I am the Technical Lead for ML Team 5 during the June Session. I was very delighted to know all the people of team 5 and it’s my great honor to lead them. We did a great job on the recommendation system for the submitted topics of the forum and developed three different recommendation models to recommend the best-matched topics, and built a forum classifier to classify a post using TF-IDF. I learned about the web crawling, webpage parsing and NLP. I also gained first-hand experience with BERT embeddings and TF-IDF encoding. Apart from technical experience, I also learned a lot of team management and leadership from others.
Developed a web crawler to crawl webpages from the Hopscotch, which is a forum based on Discourse, parsed the topics using BeautifulSoup and stored them. Learned about the Scrapy package from the source provided.
Developed three recommendation systems based on BERT embeddings, TF-IDF encoding and association BERT embeddings and TF-IDF encoding. Tunned models and analyze the performance of each model.
Collaborated with other participates using git and learned the whole workflow with git. And used Google Collab to run crawler scripts online and learned to make use of the build-in GPU source to accelerate computation.
Lead a subgroup to complete the development of the above recommendation systems.
Attended the webinars held by industry mentor on the collaboration using git, data mining and recommendation systems. Also attended team meetings about three times a week, which improved my social and communication skills.
In the stage of collecting metadata and constructing dataset for the forum, we applied Scrapy to recursively crawl the content of the topic list but found the forum exploited auto loading to load the content of the next page and the URL of every page was well defined. Therefore, we could iteratively crawl the content of further pages by requesting the well-designed successive URLs and check whether the content of the page is null to terminate the loop in time. Once we got the metadata, we could use the BeautifulSoup to parse the HTML responses. For the future needs of the recommendation system, we merely extract the topic title and the URLs of each topic.

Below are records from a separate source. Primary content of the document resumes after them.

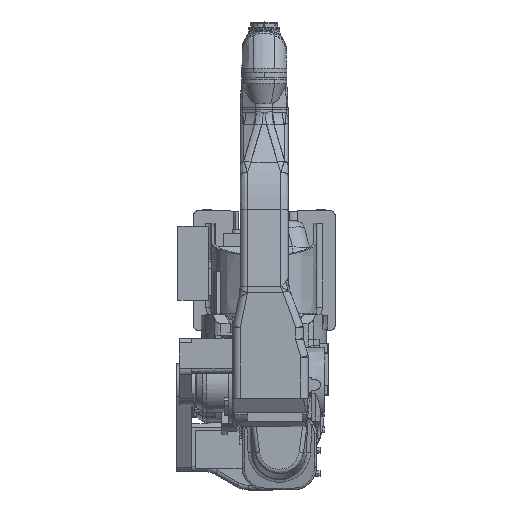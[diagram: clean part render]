
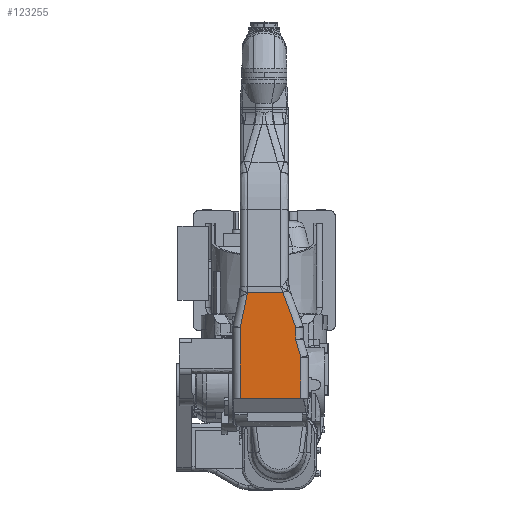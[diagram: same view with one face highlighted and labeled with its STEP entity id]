
A CAD part, top view. The second image highlights one B-rep face of the part: STEP entity #123255.
In plain terms, the highlighted planar face has unit normal (0, 0, -1).
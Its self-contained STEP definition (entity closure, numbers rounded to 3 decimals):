
#123176=CARTESIAN_POINT('Axis2P3D Location',(189.5,0.,267.)) ;
#123181=CARTESIAN_POINT('Line Origine',(3.939,393.62,267.)) ;
#123185=CARTESIAN_POINT('Vertex',(-72.,393.62,267.)) ;
#123187=CARTESIAN_POINT('Vertex',(79.878,393.62,267.)) ;
#123190=CARTESIAN_POINT('Line Origine',(107.939,317.977,267.)) ;
#123194=CARTESIAN_POINT('Vertex',(136.,242.334,267.)) ;
#123197=CARTESIAN_POINT('Line Origine',(136.,216.384,267.)) ;
#123201=CARTESIAN_POINT('Vertex',(136.,190.434,267.)) ;
#123204=CARTESIAN_POINT('Line Origine',(147.,153.02,267.)) ;
#123208=CARTESIAN_POINT('Vertex',(158.,115.605,267.)) ;
#123211=CARTESIAN_POINT('Line Origine',(158.,27.803,267.)) ;
#123215=CARTESIAN_POINT('Vertex',(158.,-60.,267.)) ;
#123218=CARTESIAN_POINT('Line Origine',(27.75,-60.,267.)) ;
#123222=CARTESIAN_POINT('Vertex',(-102.5,-60.,267.)) ;
#123225=CARTESIAN_POINT('Line Origine',(-102.5,91.984,267.)) ;
#123229=CARTESIAN_POINT('Vertex',(-102.5,243.968,267.)) ;
#123232=CARTESIAN_POINT('Line Origine',(-87.25,317.268,267.)) ;
#123236=CARTESIAN_POINT('Vertex',(-72.,390.568,267.)) ;
#123239=CARTESIAN_POINT('Line Origine',(-72.,392.094,267.)) ;
#123177=DIRECTION('Axis2P3D Direction',(0.,0.,-1.)) ;
#123178=DIRECTION('Axis2P3D XDirection',(1.,0.,0.)) ;
#123182=DIRECTION('Vector Direction',(1.,0.,0.)) ;
#123191=DIRECTION('Vector Direction',(0.348,-0.938,0.)) ;
#123198=DIRECTION('Vector Direction',(0.,-1.,0.)) ;
#123205=DIRECTION('Vector Direction',(0.282,-0.959,0.)) ;
#123212=DIRECTION('Vector Direction',(0.,-1.,0.)) ;
#123219=DIRECTION('Vector Direction',(-1.,0.,0.)) ;
#123226=DIRECTION('Vector Direction',(0.,1.,0.)) ;
#123233=DIRECTION('Vector Direction',(0.204,0.979,0.)) ;
#123240=DIRECTION('Vector Direction',(0.,1.,0.)) ;
#123179=AXIS2_PLACEMENT_3D('Plane Axis2P3D',#123176,#123177,#123178) ;
#123245=ORIENTED_EDGE('',*,*,#123189,.T.) ;
#123246=ORIENTED_EDGE('',*,*,#123196,.T.) ;
#123247=ORIENTED_EDGE('',*,*,#123203,.T.) ;
#123248=ORIENTED_EDGE('',*,*,#123210,.T.) ;
#123249=ORIENTED_EDGE('',*,*,#123217,.T.) ;
#123250=ORIENTED_EDGE('',*,*,#123224,.T.) ;
#123251=ORIENTED_EDGE('',*,*,#123231,.T.) ;
#123252=ORIENTED_EDGE('',*,*,#123238,.T.) ;
#123253=ORIENTED_EDGE('',*,*,#123243,.T.) ;
#123183=VECTOR('Line Direction',#123182,1.) ;
#123192=VECTOR('Line Direction',#123191,1.) ;
#123199=VECTOR('Line Direction',#123198,1.) ;
#123206=VECTOR('Line Direction',#123205,1.) ;
#123213=VECTOR('Line Direction',#123212,1.) ;
#123220=VECTOR('Line Direction',#123219,1.) ;
#123227=VECTOR('Line Direction',#123226,1.) ;
#123234=VECTOR('Line Direction',#123233,1.) ;
#123241=VECTOR('Line Direction',#123240,1.) ;
#123255=ADVANCED_FACE('E__A I_____',(#123254),#123180,.T.) ;
#123189=EDGE_CURVE('',#123186,#123188,#123184,.T.) ;
#123196=EDGE_CURVE('',#123188,#123195,#123193,.T.) ;
#123203=EDGE_CURVE('',#123195,#123202,#123200,.T.) ;
#123210=EDGE_CURVE('',#123202,#123209,#123207,.T.) ;
#123217=EDGE_CURVE('',#123209,#123216,#123214,.T.) ;
#123224=EDGE_CURVE('',#123216,#123223,#123221,.T.) ;
#123231=EDGE_CURVE('',#123223,#123230,#123228,.T.) ;
#123238=EDGE_CURVE('',#123230,#123237,#123235,.T.) ;
#123243=EDGE_CURVE('',#123237,#123186,#123242,.T.) ;
#123244=EDGE_LOOP('',(#123245,#123246,#123247,#123248,#123249,#123250,#123251,#123252,#123253)) ;
#123254=FACE_OUTER_BOUND('',#123244,.T.) ;
#123184=LINE('Line',#123181,#123183) ;
#123193=LINE('Line',#123190,#123192) ;
#123200=LINE('Line',#123197,#123199) ;
#123207=LINE('Line',#123204,#123206) ;
#123214=LINE('Line',#123211,#123213) ;
#123221=LINE('Line',#123218,#123220) ;
#123228=LINE('Line',#123225,#123227) ;
#123235=LINE('Line',#123232,#123234) ;
#123242=LINE('Line',#123239,#123241) ;
#123180=PLANE('',#123179) ;
#123186=VERTEX_POINT('',#123185) ;
#123188=VERTEX_POINT('',#123187) ;
#123195=VERTEX_POINT('',#123194) ;
#123202=VERTEX_POINT('',#123201) ;
#123209=VERTEX_POINT('',#123208) ;
#123216=VERTEX_POINT('',#123215) ;
#123223=VERTEX_POINT('',#123222) ;
#123230=VERTEX_POINT('',#123229) ;
#123237=VERTEX_POINT('',#123236) ;

First, we applied both BERT embedding and TF-IDF encoding to encode the topics and submission, and calculate the cosine similarity to sort the relevancy with queried topic. However, the results we get cannot perfectly match the actual recommendations we want due to the limitations of BERT and TF-IDF. Therefore, we tried to combine both BERT and TF-IDF and calculate the cosine similarity using the weighted average. For fear of subjective interface, we introduced Jaccard similarity to compare the performance of the above three models, and we found the combined approach can produce the most reasonable recommendations.